2) target legal aid to those who need it most
3) make significant savings to the cost of the scheme
4) deliver better overall value for money for the taxpayer

Most of the projected cost savings were made by removing a number of areas of law from the scope
of legal aid, including most private family, employment, welfare benefits, housing, debt, clinical
negligence and non-asylum immigration law matters. Savings were also made by changing the
Financial Means test for areas of law that remained in the scope of legal aid, including ending
automatic eligibility for those in receipt for means test benefit and reducing the limit on the maximum
income and capital an individual can have to qualify for legal aid.

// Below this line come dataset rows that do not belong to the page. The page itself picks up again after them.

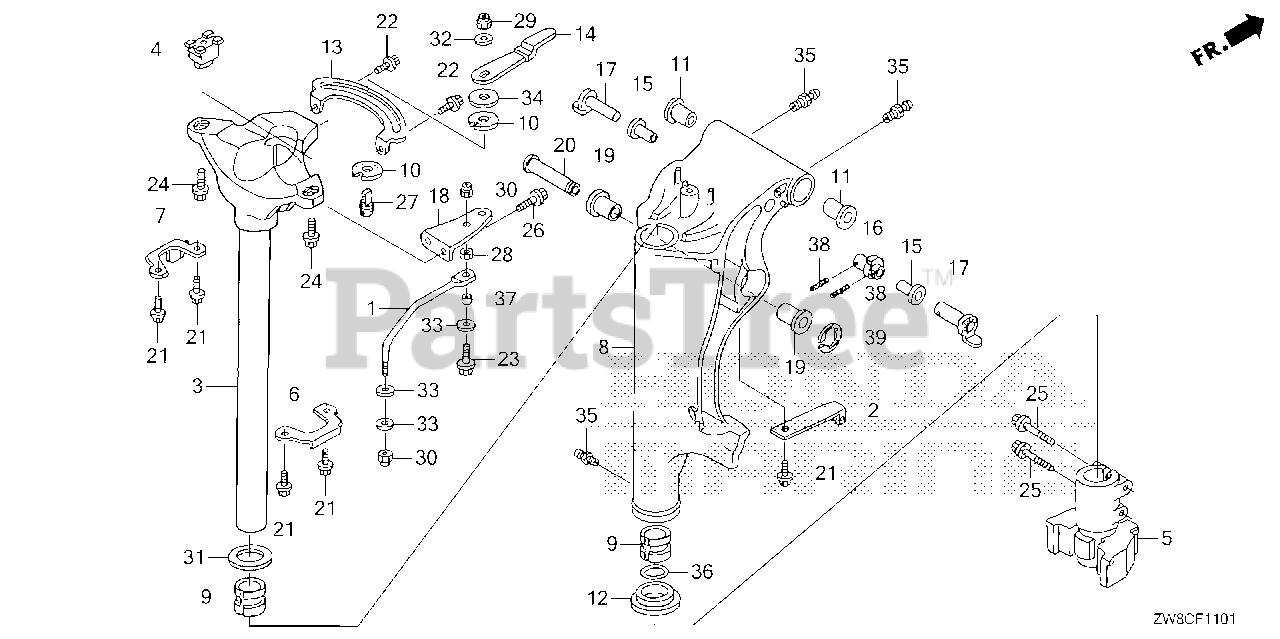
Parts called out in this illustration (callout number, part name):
2	SPRING, CLICK
3	FRAME, MOUNTING (L)
4	RUBBER, MOUNTING (UPPER)
5	RUBBER, MOUNTING (LOWER)
6	COVER, MOUNTING RUBBER (UPPER)
7	COVER, MOUNTING RUBBER (UPPER) (PT)
8	CASE, SWIVEL *NHB14M* (L)(PT) (AQUA MARINE SILVER METALLIC)
9	LINER, SWIVEL CASE
10	BLOCK, FRICTION
11	BUSH, SWIVEL CASE
12	COLLAR, SWIVEL CASE
13	PLATE, FRICTION
14	LEVER, FRICTION
15	BUSH, TILT ARM
16	BRACKET, TILTING
17	STOPPER, TILT
19	BUSH, CYLINDER (LOWER)
20	PIN, CYLINDER (UPPER)
21	BOLT, FLANGE (6X12)
22	BOLT, FLANGE (6X12)
24	BOLT, FLANGE (10X25)
25	BOLT, FLANGE (8X45)
27	BOLT, STUD (8X26)
29	NUT, SELF-LOCK (8MM)
31	WASHER, THRUST
32	WASHER (8MM)
34	WASHER, NYLON (8MM)
35	NIPPLE, GREASE
36	O-RING (34X2.4)
38	PIN, SPRING (2.5X20)
39	E-RING (15MM)

The civil legal aid is generally available in two forms: legal help and legal representation. Legal help
refers to initial advice and assistance to solve a problem to solve a problem including specialist
casework to help with the assessment of the merits of a claim, to correspond and negotiate with the
other party, and to progress a claim towards a court or tribunal. On the other hand, legal
representation refers to formal representation by a solicitor or barrister in court. Individuals with
problems in areas of law excluded from legal aid under LASPO can no longer access legal aid to fund
either legal help or legal representation.

Prior to the introduction of LASPO much of the legal help that was available was provided through
advice organisations that held legal aid contracts with government. The reduction to the scope of legal
aid under LASPO led to a corresponding reduction in funding for advice organisations, and limited
their ability to provide specialist legal help. Citizens Advice for example lost around £19 millions of
funding as a result of LASPO. Around half of Citizens Advice Bureau previously held legal aid
contracts which funded qualified staff to provide specialist advice to people with legal problems
relating to debt, welfare benefits, housing, family, employment and immigration.

Private family law cases such as divorce and child contract, were generally removed from the scope of
legal aid by LASPO. This was intended to encourage people to resolve their private family law
problems out of court which was the main way the government planned to discourage litigation. The
number of private family law proceedings in the family courts has not fallen significantly since the
introduction of LASPO. The Ministry of Justice predicted a corresponding increase in the uptake of
mediation following the implementation of LASPO, and an increase in Mediation Information and
Assessment Meeting (MIAMs), which establish whether mediation is an appropriate form of dispute
resolution. All employment law matters, with the exception of employment-related discrimination,
were taken out of scope for legal aid by LASPO.